National Insurance Co. Ltd. vs Smt. Kanta Rani Juneja And Ors. on 16 September, 2003

Equivalent citations: I(2004)ACC116, 2003VIIIAD(DELHI)34, 2004 A I H C 799, (2004) 1 ACC 116

Author: S.K. Mahajan

Bench: S.K. Mahajan

JUDGMENT
 

 S.K. Mahajan, J. 
 

1. ADMIT.

2. With the consent of the parties, matter has been heard and disposed of by this order.

3. The appellant-insurance company has filed this appeal to challenge the award of the tribunal whereby the tribunal has directed the insurer to satisfy the award despite the driver of the offending vehicle did not having a valid driving license to drive the heavy transport vehicle on the date of the accident. The contention of Mr. Seth appearing on behalf of the appellant is that as there being a willful breach of the conditions of contract of insurance by the insured by permitting the driver who did not have a valid driving license to drive the heavy transport vehicle, the insurance company could not be held liable to pay compensation under the award to the claimants. It is also submitted that even assuming the insurance company was liable to pay compensation under the award, the tribunal ought to have given a direction to the insured to pay such compensation to the insurance company. For this, Mr. Seth has placed reliance upon the observations of the Supreme Court in New India Assurance Co. Ltd. Vs. Kamla and others .

4. In New India Assurance Co. Ltd. Vs. Kamla and others (supra), it was held that the insurer and the insured are bound by the conditions enumerated in the policy and the insurer is not liable to the insured if there is violation of any policy condition. But the insurer who is made statutorily liable to pay compensation to third parties on account of the certificate of insurance issued shall be entitled to recover from the insured the amount paid to the third parties, if there was any breach of policy conditions on account of the vehicle being driven without a valid driving license. Though, it was contended by learned counsel for the insured in that case that it was enough if he establishes that the insured had made all due enquiries and believed bona fide that the driver employed by him had a valid driving license, in which case there was no breach of the policy condition, however, as the Supreme Court had not decided on that contention it was left open to the insured to raise this plea before the Claims Tribunal. It was held that, if the Insurance Company succeeded in establishing that there was breach of the policy condition, the Claims Tribunal shall direct the insured to pay that amount to the insurer and in default the insurer shall be allowed to recover that amount (which the insurer is directed to pay to the claimant third parties) from the insured person.
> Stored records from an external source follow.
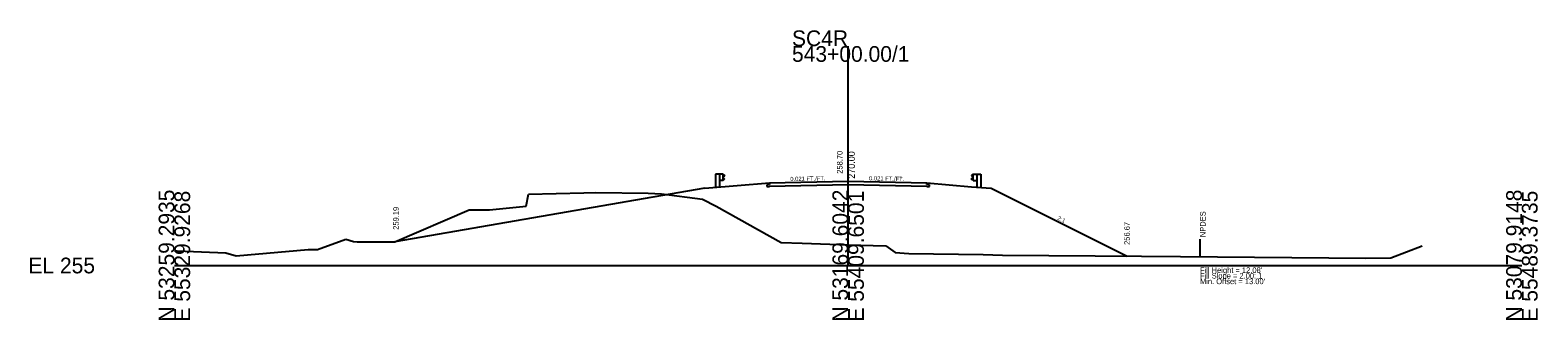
# Model space of a CAD drawing. Extents: x 9740 to 17409, y 8856 to 28416.
# Drawn here: x 11740.2 to 12008.7, y 23861.7 to 23913.3 of the extents above; entities that cross this region are included whole.
import ezdxf

# ---------------------------------------------------------------- set-up
doc = ezdxf.new("R2010")
doc.units = 0
for name, color, linetype in [('Level 10', 7, 'Continuous'), ('Level 11', 7, 'Continuous'), ('Level 12', 7, 'Continuous'), ('Level 24', 7, 'Continuous'), ('Level 32', 7, 'Continuous'), ('Level 33', 7, 'Continuous'), ('Level 50', 7, 'Continuous'), ('Level 55', 7, 'Continuous'), ('Level 59', 7, 'Continuous'), ('Level 6', 7, 'Continuous'), ('Level 60', 7, 'Continuous'), ('Level 63', 7, 'Continuous'), ('Level 7', 7, 'Continuous')]:
    doc.layers.add(name, color=color, linetype=linetype)

msp = doc.modelspace()

# ---------------------------------------------------------------- linework, layer by layer
at = {"layer": 'Level 11'}
for p, q in [((11871.85, 23885.79), (11871.35, 23885.78)), ((11871.35, 23885.78), (11871.35, 23885.44)), ((11871.35, 23885.44), (11871.85, 23885.45)), ((11871.85, 23886.09), (11871.85, 23885.79)), ((11899.85, 23885.79), (11899.85, 23886.09)), ((11900.35, 23885.78), (11899.85, 23885.79)), ((11899.85, 23885.45), (11900.35, 23885.44)), ((11900.35, 23885.44), (11900.35, 23885.78))]:
    msp.add_line(p, q, dxfattribs=at)
at = {"layer": 'Level 12'}
for p, q in [((11885.85, 23885.74), (11871.85, 23885.45)), ((11899.85, 23885.45), (11885.85, 23885.74))]:
    msp.add_line(p, q, dxfattribs=at)
at = {"layer": 'Level 24'}
for p, q in [((11862.92, 23887.67), (11862.25, 23887.67)), ((11862.25, 23887.67), (11862.25, 23885.29)), ((11863.58, 23887.67), (11862.92, 23887.67)), ((11862.92, 23887.67), (11862.92, 23885.34)), ((11863.58, 23886.51), (11862.92, 23886.51)), ((11863.58, 23886.51), (11863.58, 23887.67)), ((11863.58, 23887.6), (11863.85, 23887.4)), ((11863.85, 23887.35), (11863.58, 23887.15)), ((11863.85, 23886.83), (11863.58, 23887.03)), ((11863.58, 23886.58), (11863.85, 23886.78)), ((11863.85, 23887.4), (11863.85, 23887.35)), ((11863.85, 23886.78), (11863.85, 23886.83)), ((11908.12, 23887.6), (11907.85, 23887.4)), ((11907.85, 23887.4), (11907.85, 23887.35)), ((11907.85, 23887.35), (11908.12, 23887.15)), ((11907.85, 23886.83), (11908.12, 23887.03)), ((11907.85, 23886.78), (11907.85, 23886.83)), ((11908.12, 23886.58), (11907.85, 23886.78)), ((11908.12, 23886.51), (11908.12, 23887.67)), ((11908.12, 23887.67), (11908.79, 23887.67)), ((11908.12, 23886.51), (11908.79, 23886.51)), ((11908.79, 23887.67), (11908.79, 23885.34)), ((11908.79, 23887.67), (11909.46, 23887.67)), ((11909.46, 23887.67), (11909.46, 23885.29))]:
    msp.add_line(p, q, dxfattribs=at)
at = {"layer": 'Level 55'}
msp.add_line((11948.52, 23873.05), (11948.52, 23876.05), dxfattribs=at)
at = {"layer": 'Level 59'}
for p, q in [((11871.85, 23886.09), (11885.85, 23886.38)), ((11885.85, 23886.38), (11899.85, 23886.09))]:
    msp.add_line(p, q, dxfattribs=at)
at = {"layer": 'Level 6'}
for p, q in [((11860.35, 23885.13), (11871.85, 23886.09)), ((11899.85, 23886.09), (11907.85, 23885.42)), ((11907.85, 23885.42), (11911.35, 23885.13))]:
    msp.add_line(p, q, dxfattribs=at)
at = {"layer": 'Level 60'}
for p, q in [((11828.5, 23881.95), (11828.94, 23884.11)), ((11828.94, 23884.11), (11838.77, 23884.35)), ((11838.77, 23884.35), (11840.89, 23884.41)), ((11840.89, 23884.41), (11850.24, 23884.25)), ((11850.24, 23884.25), (11852.62, 23884.17)), ((11852.62, 23884.17), (11859.9, 23883.19)), ((11805.14, 23875.57), (11818.34, 23881.3)), ((11818.34, 23881.3), (11821.98, 23881.3)), ((11821.98, 23881.3), (11828.5, 23881.95)), ((11859.9, 23883.19), (11862.33, 23881.93)), ((11862.33, 23881.93), (11873.9, 23875.48)), ((11791.32, 23874.2), (11796.4, 23876.07)), ((11796.4, 23876.07), (11797.77, 23875.63)), ((11797.77, 23875.63), (11798.38, 23875.6)), ((11798.38, 23875.6), (11805.14, 23875.57)), ((11873.9, 23875.48), (11877.69, 23875.35)), ((11765.85, 23874.02), (11766.34, 23874.02)), ((11766.34, 23874.02), (11775, 23873.65)), ((11775, 23873.65), (11776.87, 23873.1)), ((11776.87, 23873.1), (11789.7, 23874.24)), ((11789.7, 23874.24), (11791.32, 23874.2)), ((11877.69, 23875.35), (11885.85, 23875.08)), ((11885.85, 23875.08), (11892.59, 23874.86)), ((11892.59, 23874.86), (11894.24, 23873.71)), ((11894.24, 23873.71), (11896.67, 23873.49)), ((11896.67, 23873.49), (11909.88, 23873.33)), ((11909.88, 23873.33), (11913.35, 23873.19)), ((11913.35, 23873.19), (11938.08, 23873.03)), ((11938.08, 23873.03), (11945.04, 23872.99)), ((11945.04, 23872.99), (11978.07, 23872.67)), ((11978.07, 23872.67), (11982.49, 23872.73)), ((11982.49, 23872.73), (11988.08, 23874.88))]:
    msp.add_line(p, q, dxfattribs=at)
at = {"layer": 'Level 63'}
for p, q in [((11885.85, 23871.38), (11885.85, 23910.48)), ((11765.85, 23871.38), (11885.85, 23871.38)), ((11885.85, 23871.38), (12005.85, 23871.38))]:
    msp.add_line(p, q, dxfattribs=at)
at = {"layer": 'Level 7'}
for p, q in [((11860.35, 23885.13), (11805.14, 23875.57)), ((11911.35, 23885.13), (11935.52, 23873.05))]:
    msp.add_line(p, q, dxfattribs=at)

# ---------------------------------------------------------------- texts
at = {"layer": 'Level 10'}
msp.add_text('258.70', height=1, rotation=90, dxfattribs=at).set_placement((11884.85, 23887.73))
at = {"layer": 'Level 32'}
for s, rotation, p in [('0.021 FT./FT.', 1.1916, (11875.56, 23886.42)), ('0.021 FT./FT.', 358.8084, (11889.57, 23886.55)), ('2:1', 333.435, (11923.04, 23879.57))]:
    msp.add_text(s, height=0.75, rotation=rotation, dxfattribs=at).set_placement(p)
at = {"layer": 'Level 33'}
for s, p in [('259.19', (11805.81, 23877.74)), ('256.67', (11936.02, 23875.05))]:
    msp.add_text(s, height=1, rotation=90, dxfattribs=at).set_placement(p)
at = {"layer": 'Level 50'}
msp.add_text(' NPDES', height=1, rotation=90, dxfattribs=at).set_placement((11949.52, 23876.05))
for s, p in [("Fill Height = 12.08' ", (11948.52, 23870.05)), ('Fill Slope = 2.00: 1', (11948.52, 23869.05)), ("Min. Offset = 13.00' ", (11948.52, 23868.05))]:
    msp.add_text(s, height=1, dxfattribs=at).set_placement(p)
at = {"layer": 'Level 59'}
msp.add_text(' 270.00', height=1.2, rotation=90, dxfattribs=at).set_placement((11887.05, 23886.38))
at = {"layer": 'Level 63'}
for s, p in [('SC4R', (11875.85, 23910.48)), ('543+00.00/1', (11875.85, 23907.68)), ('EL 255', (11739.85, 23869.98))]:
    msp.add_text(s, height=2.8, dxfattribs=at).set_placement(p)
for s, p in [('N 53259.2935', (11765.85, 23861.38)), ('E 55329.9268', (11768.65, 23861.38)), ('N 53169.6042', (11885.85, 23861.38)), ('E 55409.6501', (11888.65, 23861.38)), ('N 53079.9148', (12005.85, 23861.38)), ('E 55489.3735', (12008.65, 23861.38))]:
    msp.add_text(s, height=2.8, rotation=90, dxfattribs=at).set_placement(p)

doc.saveas('drawing.dxf')

5. In another judgment reported as United India Insurance Co. Ltd. Vs. Lehru and others 2003 ACJ 611 the Supreme Court has held that when an owner was hiring a driver, he will have to check whether the driver has the driving license and if the driver produced the driving license, which on the face of it looks genuine, the owner is not expected to find out whether the license has, in fact, been issued by the competent authority or not. It was held that where the owner had satisfied himself that the driver had a license and was driving competently, there would be no breach of Section 149(2)(a)(ii) of the Motor Vehicles Act and the insurance company would not then be absolved of its liability, however, if it ultimately turns out that the license was fake, the insurance company would continue to remain liable unless they prove that the owner/insured was aware or had notice that the license was fake and still permitted that person to drive the vehicle.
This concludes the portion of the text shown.